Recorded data
☆ ☆ ☆ ☆

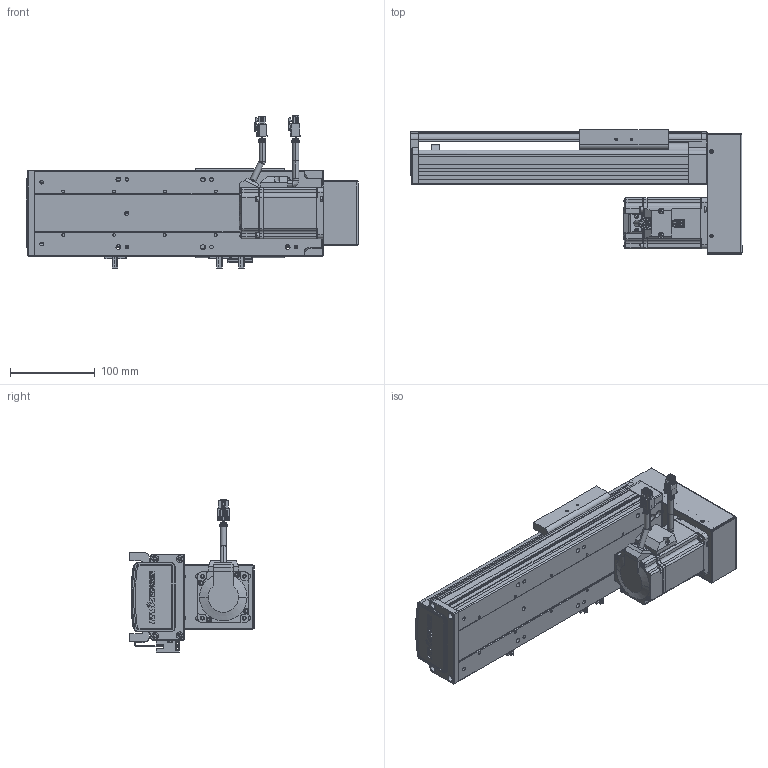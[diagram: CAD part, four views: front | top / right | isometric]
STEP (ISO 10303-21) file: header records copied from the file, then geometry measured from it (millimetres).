
FILE_DESCRIPTION (( 'STEP AP203' ), '1' );
FILE_NAME ('RY100S-L1620-300-BK(15双轨).SLDASM_150.step', '2021-02-20T08:22:42', ( '盈信电脑' ), ( '东莞市道滘镇水果街19号' ), 'SwSTEP 2.0', 'SolidWorks 2012', '' );
FILE_SCHEMA (( 'CONFIG_CONTROL_DESIGN' ));
Products named in the file (26): RY100S-狟殏萇儂郪; RY100S-L1620-300-BK(15邧寢).SLDASM_150; 肮祭湍5M遵15笚酗260; RY100S下折电机安装板（15双轨）; 侂狟200W萇儂; 6; 7; 5; 4; RY80肮祭湍覃踡啣; 1; 3; 2; 3M30喘15遵; RY100S-絳寢EGH15-350-LK(腴郪15邧寢)_150; RY100S狟殏萇儂欶(15邧寢); RY80肮祭湍芢雄輸; 滅袉蝶18-24; RY100綴裔啣; RY100S转折电机端支撑座(15双轨); RY100俋离覜茼え; 滅袉蝶18-10; 覜茼ん672; RY100S铝滑块（15双轨单滑块）底组装导轨; RY100S-300-LK转折型材上盖(15双轨)_150; RY100S-350-LK型材底座(低组15双轨)_150
Assembly tree (28 placements, depth 4):
  RY100S-L1620-300-BK(15邧寢).SLDASM_150
    RY100S-350-LK型材底座(低组15双轨)_150
    RY100S-300-LK转折型材上盖(15双轨)_150
    RY100S铝滑块（15双轨单滑块）底组装导轨
    覜茼ん672  x3
    滅袉蝶18-10
    RY100俋离覜茼え
    RY100S转折电机端支撑座(15双轨)
    滅袉蝶18-24
    RY100綴裔啣
    RY100S-絳寢EGH15-350-LK(腴郪15邧寢)_150
    RY100S-狟殏萇儂郪
      RY80肮祭湍芢雄輸  x2
      RY100S狟殏萇儂欶(15邧寢)
      3M30喘15遵
      RY80肮祭湍覃踡啣
      侂狟200W萇儂
        1
        2
        3
        4
        5
        6
        7
      肮祭湍5M遵15笚酗260
      RY100S下折电机安装板（15双轨）
Bounding box: 392 x 147 x 179.5 mm (x, y, z)
Volume: 1381831.1 mm3; surface area: 500476.8 mm2
Topology: 26 solids, 26 shells, 3099 faces, 8301 edges, 5344 vertices
Faces by surface type: plane 1671, cylinder 1145, cone 169, bspline 114
Entity records: 99975 total; most frequent: CARTESIAN_POINT 24443, ORIENTED_EDGE 15306, DIRECTION 14956, EDGE_CURVE 7653, AXIS2_PLACEMENT_3D 5063, VERTEX_POINT 4980, LINE 4830, VECTOR 4830

☆ ☆ ☆ ☆

Your task: Every line from the data above that contains "LK型材底座" must appear in the answer.

Result of this exercise:
Products named in the file (26): RY100S-狟殏萇儂郪; RY100S-L1620-300-BK(15邧寢).SLDASM_150; 肮祭湍5M遵15笚酗260; RY100S下折电机安装板（15双轨）; 侂狟200W萇儂; 6; 7; 5; 4; RY80肮祭湍覃踡啣; 1; 3; 2; 3M30喘15遵; RY100S-絳寢EGH15-350-LK(腴郪15邧寢)_150; RY100S狟殏萇儂欶(15邧寢); RY80肮祭湍芢雄輸; 滅袉蝶18-24; RY100綴裔啣; RY100S转折电机端支撑座(15双轨); RY100俋离覜茼え; 滅袉蝶18-10; 覜茼ん672; RY100S铝滑块（15双轨单滑块）底组装导轨; RY100S-300-LK转折型材上盖(15双轨)_150; RY100S-350-LK型材底座(低组15双轨)_150
    RY100S-350-LK型材底座(低组15双轨)_150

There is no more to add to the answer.